--- Source material Enclosed Below ---

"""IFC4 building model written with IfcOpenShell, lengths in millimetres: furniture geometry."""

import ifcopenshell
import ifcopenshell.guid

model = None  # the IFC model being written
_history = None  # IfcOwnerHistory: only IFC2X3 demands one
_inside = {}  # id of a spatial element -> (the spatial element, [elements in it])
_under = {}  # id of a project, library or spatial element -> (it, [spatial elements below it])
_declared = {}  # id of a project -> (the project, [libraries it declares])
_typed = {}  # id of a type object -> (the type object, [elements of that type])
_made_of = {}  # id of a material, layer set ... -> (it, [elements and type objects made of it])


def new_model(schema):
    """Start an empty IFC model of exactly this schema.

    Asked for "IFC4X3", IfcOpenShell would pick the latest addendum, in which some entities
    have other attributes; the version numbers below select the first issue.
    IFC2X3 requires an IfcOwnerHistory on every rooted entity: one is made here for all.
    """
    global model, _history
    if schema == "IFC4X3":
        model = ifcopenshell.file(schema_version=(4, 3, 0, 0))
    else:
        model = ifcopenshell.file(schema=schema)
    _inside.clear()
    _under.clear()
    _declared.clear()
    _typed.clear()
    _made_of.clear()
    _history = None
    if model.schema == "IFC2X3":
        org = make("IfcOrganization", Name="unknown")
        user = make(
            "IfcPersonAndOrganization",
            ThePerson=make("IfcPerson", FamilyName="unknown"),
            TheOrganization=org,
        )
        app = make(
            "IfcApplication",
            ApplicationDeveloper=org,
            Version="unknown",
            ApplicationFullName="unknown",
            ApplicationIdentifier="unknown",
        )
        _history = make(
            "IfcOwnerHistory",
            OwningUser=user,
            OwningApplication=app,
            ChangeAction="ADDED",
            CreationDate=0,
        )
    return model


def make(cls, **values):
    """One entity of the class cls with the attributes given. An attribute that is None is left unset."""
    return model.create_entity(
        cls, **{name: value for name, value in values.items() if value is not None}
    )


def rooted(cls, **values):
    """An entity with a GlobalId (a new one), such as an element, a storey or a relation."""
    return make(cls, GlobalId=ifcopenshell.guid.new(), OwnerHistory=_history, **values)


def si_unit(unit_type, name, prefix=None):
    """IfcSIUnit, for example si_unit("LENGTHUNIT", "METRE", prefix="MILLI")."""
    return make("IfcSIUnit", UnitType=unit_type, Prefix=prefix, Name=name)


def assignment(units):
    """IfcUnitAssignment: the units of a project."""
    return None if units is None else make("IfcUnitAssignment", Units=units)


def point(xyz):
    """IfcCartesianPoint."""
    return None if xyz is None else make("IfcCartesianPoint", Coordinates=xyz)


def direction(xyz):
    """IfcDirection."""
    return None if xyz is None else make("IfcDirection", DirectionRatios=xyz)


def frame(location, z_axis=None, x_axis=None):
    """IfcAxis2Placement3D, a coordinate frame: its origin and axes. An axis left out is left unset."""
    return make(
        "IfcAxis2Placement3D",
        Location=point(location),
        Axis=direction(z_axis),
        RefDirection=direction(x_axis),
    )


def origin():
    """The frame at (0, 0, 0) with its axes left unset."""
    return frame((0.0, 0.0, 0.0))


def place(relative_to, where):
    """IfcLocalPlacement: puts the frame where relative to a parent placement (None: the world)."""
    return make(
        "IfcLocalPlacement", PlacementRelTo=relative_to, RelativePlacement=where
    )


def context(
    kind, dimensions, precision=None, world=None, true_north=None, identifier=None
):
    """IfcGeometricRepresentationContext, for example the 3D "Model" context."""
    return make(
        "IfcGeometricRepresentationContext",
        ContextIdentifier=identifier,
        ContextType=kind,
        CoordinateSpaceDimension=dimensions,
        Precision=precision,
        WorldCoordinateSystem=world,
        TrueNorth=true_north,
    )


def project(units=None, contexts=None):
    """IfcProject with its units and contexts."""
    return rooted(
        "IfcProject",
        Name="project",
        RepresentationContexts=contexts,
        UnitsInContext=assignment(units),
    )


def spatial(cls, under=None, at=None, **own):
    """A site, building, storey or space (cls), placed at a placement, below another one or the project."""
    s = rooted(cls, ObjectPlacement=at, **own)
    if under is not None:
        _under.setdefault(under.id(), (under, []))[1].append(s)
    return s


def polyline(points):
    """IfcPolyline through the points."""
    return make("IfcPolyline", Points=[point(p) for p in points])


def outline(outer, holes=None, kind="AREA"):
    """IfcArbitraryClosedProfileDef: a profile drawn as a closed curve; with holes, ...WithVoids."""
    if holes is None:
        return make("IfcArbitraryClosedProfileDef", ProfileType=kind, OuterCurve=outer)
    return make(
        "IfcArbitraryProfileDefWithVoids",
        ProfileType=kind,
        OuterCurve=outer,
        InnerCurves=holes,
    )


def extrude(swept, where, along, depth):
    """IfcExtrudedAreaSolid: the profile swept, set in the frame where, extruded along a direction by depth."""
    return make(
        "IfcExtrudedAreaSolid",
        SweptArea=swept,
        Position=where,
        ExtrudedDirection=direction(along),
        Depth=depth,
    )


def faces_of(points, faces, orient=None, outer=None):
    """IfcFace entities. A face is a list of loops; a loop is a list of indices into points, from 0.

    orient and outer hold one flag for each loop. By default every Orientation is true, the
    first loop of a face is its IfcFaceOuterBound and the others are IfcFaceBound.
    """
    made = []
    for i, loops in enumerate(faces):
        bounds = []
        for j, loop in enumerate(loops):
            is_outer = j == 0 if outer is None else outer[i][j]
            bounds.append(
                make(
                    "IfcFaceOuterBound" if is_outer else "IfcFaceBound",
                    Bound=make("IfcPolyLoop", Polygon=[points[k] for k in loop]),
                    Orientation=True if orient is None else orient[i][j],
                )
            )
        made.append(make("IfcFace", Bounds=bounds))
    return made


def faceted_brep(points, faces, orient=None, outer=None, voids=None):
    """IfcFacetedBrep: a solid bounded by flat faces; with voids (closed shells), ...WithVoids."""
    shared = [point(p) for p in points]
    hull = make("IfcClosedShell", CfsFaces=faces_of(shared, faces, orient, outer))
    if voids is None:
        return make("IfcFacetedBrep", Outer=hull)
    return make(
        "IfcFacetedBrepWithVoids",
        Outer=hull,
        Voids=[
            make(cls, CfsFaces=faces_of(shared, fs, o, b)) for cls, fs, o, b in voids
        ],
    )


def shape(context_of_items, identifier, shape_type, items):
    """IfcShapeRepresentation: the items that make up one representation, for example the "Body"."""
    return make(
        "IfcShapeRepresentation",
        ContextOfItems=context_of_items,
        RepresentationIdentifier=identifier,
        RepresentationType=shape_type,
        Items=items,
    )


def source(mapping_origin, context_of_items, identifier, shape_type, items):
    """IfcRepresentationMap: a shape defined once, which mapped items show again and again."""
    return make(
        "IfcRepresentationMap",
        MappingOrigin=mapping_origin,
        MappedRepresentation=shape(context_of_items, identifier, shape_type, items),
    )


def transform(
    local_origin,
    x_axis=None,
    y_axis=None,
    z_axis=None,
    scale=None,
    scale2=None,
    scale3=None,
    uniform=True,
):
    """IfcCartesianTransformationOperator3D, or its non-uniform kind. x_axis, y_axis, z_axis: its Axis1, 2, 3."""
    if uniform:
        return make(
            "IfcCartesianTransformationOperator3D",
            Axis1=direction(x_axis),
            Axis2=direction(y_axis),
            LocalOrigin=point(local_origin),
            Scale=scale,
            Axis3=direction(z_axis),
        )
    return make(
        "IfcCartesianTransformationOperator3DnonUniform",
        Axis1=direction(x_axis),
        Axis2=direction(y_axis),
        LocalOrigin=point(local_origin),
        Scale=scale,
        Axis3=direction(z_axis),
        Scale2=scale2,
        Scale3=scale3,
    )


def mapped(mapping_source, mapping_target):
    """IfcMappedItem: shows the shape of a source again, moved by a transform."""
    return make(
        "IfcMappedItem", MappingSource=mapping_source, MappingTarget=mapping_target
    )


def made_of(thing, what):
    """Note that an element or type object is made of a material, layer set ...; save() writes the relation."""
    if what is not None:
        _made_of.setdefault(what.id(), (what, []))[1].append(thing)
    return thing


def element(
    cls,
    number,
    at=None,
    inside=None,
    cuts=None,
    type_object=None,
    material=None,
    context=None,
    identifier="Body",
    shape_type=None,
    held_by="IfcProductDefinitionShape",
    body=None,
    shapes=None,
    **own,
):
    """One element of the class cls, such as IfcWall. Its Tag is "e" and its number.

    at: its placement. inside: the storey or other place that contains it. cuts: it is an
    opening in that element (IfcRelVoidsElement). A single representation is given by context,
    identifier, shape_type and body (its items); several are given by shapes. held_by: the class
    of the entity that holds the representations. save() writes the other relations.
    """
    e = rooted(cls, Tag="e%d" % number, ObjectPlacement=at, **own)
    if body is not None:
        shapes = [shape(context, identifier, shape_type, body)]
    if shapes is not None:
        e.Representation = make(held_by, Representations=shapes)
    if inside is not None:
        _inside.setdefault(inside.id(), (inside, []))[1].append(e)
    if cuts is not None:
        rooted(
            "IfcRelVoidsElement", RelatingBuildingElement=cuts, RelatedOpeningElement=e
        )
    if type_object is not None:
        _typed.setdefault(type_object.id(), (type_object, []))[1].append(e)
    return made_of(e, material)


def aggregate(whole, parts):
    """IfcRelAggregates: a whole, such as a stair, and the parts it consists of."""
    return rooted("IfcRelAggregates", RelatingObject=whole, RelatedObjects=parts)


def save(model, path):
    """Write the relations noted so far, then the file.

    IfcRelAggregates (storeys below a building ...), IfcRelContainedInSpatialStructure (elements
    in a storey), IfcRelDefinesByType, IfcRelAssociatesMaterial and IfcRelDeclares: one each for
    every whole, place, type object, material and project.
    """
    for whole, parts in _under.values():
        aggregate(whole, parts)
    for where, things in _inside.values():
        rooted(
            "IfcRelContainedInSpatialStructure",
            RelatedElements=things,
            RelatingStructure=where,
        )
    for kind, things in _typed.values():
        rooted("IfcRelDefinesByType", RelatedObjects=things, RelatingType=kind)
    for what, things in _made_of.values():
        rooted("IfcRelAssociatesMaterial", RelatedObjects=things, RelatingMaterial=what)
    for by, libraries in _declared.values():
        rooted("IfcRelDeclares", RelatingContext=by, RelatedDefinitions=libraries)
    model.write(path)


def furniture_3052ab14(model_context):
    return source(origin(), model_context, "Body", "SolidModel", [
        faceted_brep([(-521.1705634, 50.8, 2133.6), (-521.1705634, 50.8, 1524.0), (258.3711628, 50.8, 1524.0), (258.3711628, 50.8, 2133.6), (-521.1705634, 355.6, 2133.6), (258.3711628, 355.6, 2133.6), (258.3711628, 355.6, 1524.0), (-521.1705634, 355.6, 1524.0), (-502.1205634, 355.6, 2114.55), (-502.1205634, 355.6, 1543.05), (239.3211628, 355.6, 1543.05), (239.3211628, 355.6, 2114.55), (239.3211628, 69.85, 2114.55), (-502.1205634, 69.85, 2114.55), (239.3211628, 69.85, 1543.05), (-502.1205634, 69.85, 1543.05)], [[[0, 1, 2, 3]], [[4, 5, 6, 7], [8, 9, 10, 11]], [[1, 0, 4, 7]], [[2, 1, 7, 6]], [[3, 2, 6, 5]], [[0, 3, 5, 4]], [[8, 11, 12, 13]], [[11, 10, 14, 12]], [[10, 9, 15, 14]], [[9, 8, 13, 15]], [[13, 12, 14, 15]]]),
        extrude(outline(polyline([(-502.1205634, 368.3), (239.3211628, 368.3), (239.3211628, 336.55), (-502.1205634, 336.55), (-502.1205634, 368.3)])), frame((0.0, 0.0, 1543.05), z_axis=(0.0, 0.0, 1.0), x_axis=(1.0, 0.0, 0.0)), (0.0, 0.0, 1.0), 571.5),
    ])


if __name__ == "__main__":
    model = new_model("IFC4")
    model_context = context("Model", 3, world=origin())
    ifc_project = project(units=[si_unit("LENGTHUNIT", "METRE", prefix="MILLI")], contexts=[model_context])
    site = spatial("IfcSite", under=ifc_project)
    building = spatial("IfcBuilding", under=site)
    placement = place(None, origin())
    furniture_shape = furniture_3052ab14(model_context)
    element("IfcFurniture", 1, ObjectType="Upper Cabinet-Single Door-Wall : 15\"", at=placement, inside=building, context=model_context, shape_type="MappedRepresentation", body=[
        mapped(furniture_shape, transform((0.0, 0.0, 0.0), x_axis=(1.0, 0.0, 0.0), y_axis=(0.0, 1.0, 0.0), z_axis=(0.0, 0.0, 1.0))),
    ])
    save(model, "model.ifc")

--- End of Enclosed Source material ---

§ **What to work on**
From the data above, copy each line where the string "holes" appears.

§ **Task answer**
def outline(outer, holes=None, kind="AREA"):
    """IfcArbitraryClosedProfileDef: a profile drawn as a closed curve; with holes, ...WithVoids."""
    if holes is None:
        InnerCurves=holes,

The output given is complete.